Materials provided —
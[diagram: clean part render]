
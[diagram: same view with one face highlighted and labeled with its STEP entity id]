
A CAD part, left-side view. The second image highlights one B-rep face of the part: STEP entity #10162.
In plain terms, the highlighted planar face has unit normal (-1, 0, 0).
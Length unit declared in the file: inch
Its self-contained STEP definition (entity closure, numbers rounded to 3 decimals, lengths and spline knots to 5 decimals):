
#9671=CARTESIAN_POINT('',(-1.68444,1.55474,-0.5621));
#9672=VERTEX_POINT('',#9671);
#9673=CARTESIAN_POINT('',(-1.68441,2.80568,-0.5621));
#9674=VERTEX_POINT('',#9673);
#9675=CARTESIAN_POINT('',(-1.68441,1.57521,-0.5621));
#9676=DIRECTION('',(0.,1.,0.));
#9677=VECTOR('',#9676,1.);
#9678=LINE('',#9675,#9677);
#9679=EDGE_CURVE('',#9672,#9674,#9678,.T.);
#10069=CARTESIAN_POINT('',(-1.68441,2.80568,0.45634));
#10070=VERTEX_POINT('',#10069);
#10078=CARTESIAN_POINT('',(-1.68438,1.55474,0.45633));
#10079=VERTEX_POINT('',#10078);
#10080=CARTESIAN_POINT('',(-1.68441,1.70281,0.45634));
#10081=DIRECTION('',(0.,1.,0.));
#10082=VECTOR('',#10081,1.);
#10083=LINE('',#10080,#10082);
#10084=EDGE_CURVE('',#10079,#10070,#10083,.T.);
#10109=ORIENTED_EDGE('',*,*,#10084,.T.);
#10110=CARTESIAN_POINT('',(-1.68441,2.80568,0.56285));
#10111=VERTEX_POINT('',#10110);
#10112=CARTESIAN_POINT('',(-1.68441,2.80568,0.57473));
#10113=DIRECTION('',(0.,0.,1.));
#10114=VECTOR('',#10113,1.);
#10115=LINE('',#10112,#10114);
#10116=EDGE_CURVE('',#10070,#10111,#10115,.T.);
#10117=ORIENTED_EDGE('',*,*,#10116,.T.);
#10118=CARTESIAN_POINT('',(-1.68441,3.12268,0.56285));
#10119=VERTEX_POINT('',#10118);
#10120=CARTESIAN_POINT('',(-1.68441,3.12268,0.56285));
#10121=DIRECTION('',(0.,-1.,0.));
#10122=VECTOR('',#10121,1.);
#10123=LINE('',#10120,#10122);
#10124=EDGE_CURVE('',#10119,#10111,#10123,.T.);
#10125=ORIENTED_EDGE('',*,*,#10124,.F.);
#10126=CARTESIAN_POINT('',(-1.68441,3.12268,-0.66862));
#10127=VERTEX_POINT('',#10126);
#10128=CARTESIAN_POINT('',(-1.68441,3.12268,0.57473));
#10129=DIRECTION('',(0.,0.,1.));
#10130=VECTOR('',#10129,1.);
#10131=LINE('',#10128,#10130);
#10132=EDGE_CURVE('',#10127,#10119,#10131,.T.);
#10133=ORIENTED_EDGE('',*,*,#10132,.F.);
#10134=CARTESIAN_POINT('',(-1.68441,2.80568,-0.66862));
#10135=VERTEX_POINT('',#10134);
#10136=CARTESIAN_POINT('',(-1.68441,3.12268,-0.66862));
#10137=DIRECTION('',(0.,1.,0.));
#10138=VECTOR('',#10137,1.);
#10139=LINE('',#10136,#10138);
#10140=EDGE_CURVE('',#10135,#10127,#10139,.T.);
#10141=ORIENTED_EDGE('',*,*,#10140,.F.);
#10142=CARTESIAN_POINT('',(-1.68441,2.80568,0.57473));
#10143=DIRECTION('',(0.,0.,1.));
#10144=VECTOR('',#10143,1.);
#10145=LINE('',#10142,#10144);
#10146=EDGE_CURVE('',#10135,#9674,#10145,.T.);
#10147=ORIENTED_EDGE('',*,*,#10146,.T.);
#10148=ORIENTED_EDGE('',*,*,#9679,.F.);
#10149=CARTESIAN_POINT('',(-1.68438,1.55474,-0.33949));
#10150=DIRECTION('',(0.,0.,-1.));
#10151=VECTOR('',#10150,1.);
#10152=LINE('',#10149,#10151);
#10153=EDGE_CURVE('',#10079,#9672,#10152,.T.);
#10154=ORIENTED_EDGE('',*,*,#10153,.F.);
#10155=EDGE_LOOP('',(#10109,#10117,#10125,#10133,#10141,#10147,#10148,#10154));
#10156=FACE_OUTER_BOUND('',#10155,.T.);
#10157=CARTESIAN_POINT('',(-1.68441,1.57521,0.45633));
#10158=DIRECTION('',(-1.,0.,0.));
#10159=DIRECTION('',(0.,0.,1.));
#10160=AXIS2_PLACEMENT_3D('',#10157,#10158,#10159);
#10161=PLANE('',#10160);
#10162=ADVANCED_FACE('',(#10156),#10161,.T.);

About this exercise —
Give back every record exactly.

Reply to the task —
[diagram: clean part render]
[diagram: same view with one face highlighted and labeled with its STEP entity id]
A CAD part, left-side view. The second image highlights one B-rep face of the part: STEP entity #10162.
In plain terms, the highlighted planar face has unit normal (-1, 0, 0).
Length unit declared in the file: inch
Its self-contained STEP definition (entity closure, numbers rounded to 3 decimals, lengths and spline knots to 5 decimals):
#9671=CARTESIAN_POINT('',(-1.68444,1.55474,-0.5621));
#9672=VERTEX_POINT('',#9671);
#9673=CARTESIAN_POINT('',(-1.68441,2.80568,-0.5621));
#9674=VERTEX_POINT('',#9673);
#9675=CARTESIAN_POINT('',(-1.68441,1.57521,-0.5621));
#9676=DIRECTION('',(0.,1.,0.));
#9677=VECTOR('',#9676,1.);
#9678=LINE('',#9675,#9677);
#9679=EDGE_CURVE('',#9672,#9674,#9678,.T.);
#10069=CARTESIAN_POINT('',(-1.68441,2.80568,0.45634));
#10070=VERTEX_POINT('',#10069);
#10078=CARTESIAN_POINT('',(-1.68438,1.55474,0.45633));
#10079=VERTEX_POINT('',#10078);
#10080=CARTESIAN_POINT('',(-1.68441,1.70281,0.45634));
#10081=DIRECTION('',(0.,1.,0.));
#10082=VECTOR('',#10081,1.);
#10083=LINE('',#10080,#10082);
#10084=EDGE_CURVE('',#10079,#10070,#10083,.T.);
#10109=ORIENTED_EDGE('',*,*,#10084,.T.);
#10110=CARTESIAN_POINT('',(-1.68441,2.80568,0.56285));
#10111=VERTEX_POINT('',#10110);
#10112=CARTESIAN_POINT('',(-1.68441,2.80568,0.57473));
#10113=DIRECTION('',(0.,0.,1.));
#10114=VECTOR('',#10113,1.);
#10115=LINE('',#10112,#10114);
#10116=EDGE_CURVE('',#10070,#10111,#10115,.T.);
#10117=ORIENTED_EDGE('',*,*,#10116,.T.);
#10118=CARTESIAN_POINT('',(-1.68441,3.12268,0.56285));
#10119=VERTEX_POINT('',#10118);
#10120=CARTESIAN_POINT('',(-1.68441,3.12268,0.56285));
#10121=DIRECTION('',(0.,-1.,0.));
#10122=VECTOR('',#10121,1.);
#10123=LINE('',#10120,#10122);
#10124=EDGE_CURVE('',#10119,#10111,#10123,.T.);
#10125=ORIENTED_EDGE('',*,*,#10124,.F.);
#10126=CARTESIAN_POINT('',(-1.68441,3.12268,-0.66862));
#10127=VERTEX_POINT('',#10126);
#10128=CARTESIAN_POINT('',(-1.68441,3.12268,0.57473));
#10129=DIRECTION('',(0.,0.,1.));
#10130=VECTOR('',#10129,1.);
#10131=LINE('',#10128,#10130);
#10132=EDGE_CURVE('',#10127,#10119,#10131,.T.);
#10133=ORIENTED_EDGE('',*,*,#10132,.F.);
#10134=CARTESIAN_POINT('',(-1.68441,2.80568,-0.66862));
#10135=VERTEX_POINT('',#10134);
#10136=CARTESIAN_POINT('',(-1.68441,3.12268,-0.66862));
#10137=DIRECTION('',(0.,1.,0.));
#10138=VECTOR('',#10137,1.);
#10139=LINE('',#10136,#10138);
#10140=EDGE_CURVE('',#10135,#10127,#10139,.T.);
#10141=ORIENTED_EDGE('',*,*,#10140,.F.);
#10142=CARTESIAN_POINT('',(-1.68441,2.80568,0.57473));
#10143=DIRECTION('',(0.,0.,1.));
#10144=VECTOR('',#10143,1.);
#10145=LINE('',#10142,#10144);
#10146=EDGE_CURVE('',#10135,#9674,#10145,.T.);
#10147=ORIENTED_EDGE('',*,*,#10146,.T.);
#10148=ORIENTED_EDGE('',*,*,#9679,.F.);
#10149=CARTESIAN_POINT('',(-1.68438,1.55474,-0.33949));
#10150=DIRECTION('',(0.,0.,-1.));
#10151=VECTOR('',#10150,1.);
#10152=LINE('',#10149,#10151);
#10153=EDGE_CURVE('',#10079,#9672,#10152,.T.);
#10154=ORIENTED_EDGE('',*,*,#10153,.F.);
#10155=EDGE_LOOP('',(#10109,#10117,#10125,#10133,#10141,#10147,#10148,#10154));
#10156=FACE_OUTER_BOUND('',#10155,.T.);
#10157=CARTESIAN_POINT('',(-1.68441,1.57521,0.45633));
#10158=DIRECTION('',(-1.,0.,0.));
#10159=DIRECTION('',(0.,0.,1.));
#10160=AXIS2_PLACEMENT_3D('',#10157,#10158,#10159);
#10161=PLANE('',#10160);
#10162=ADVANCED_FACE('',(#10156),#10161,.T.);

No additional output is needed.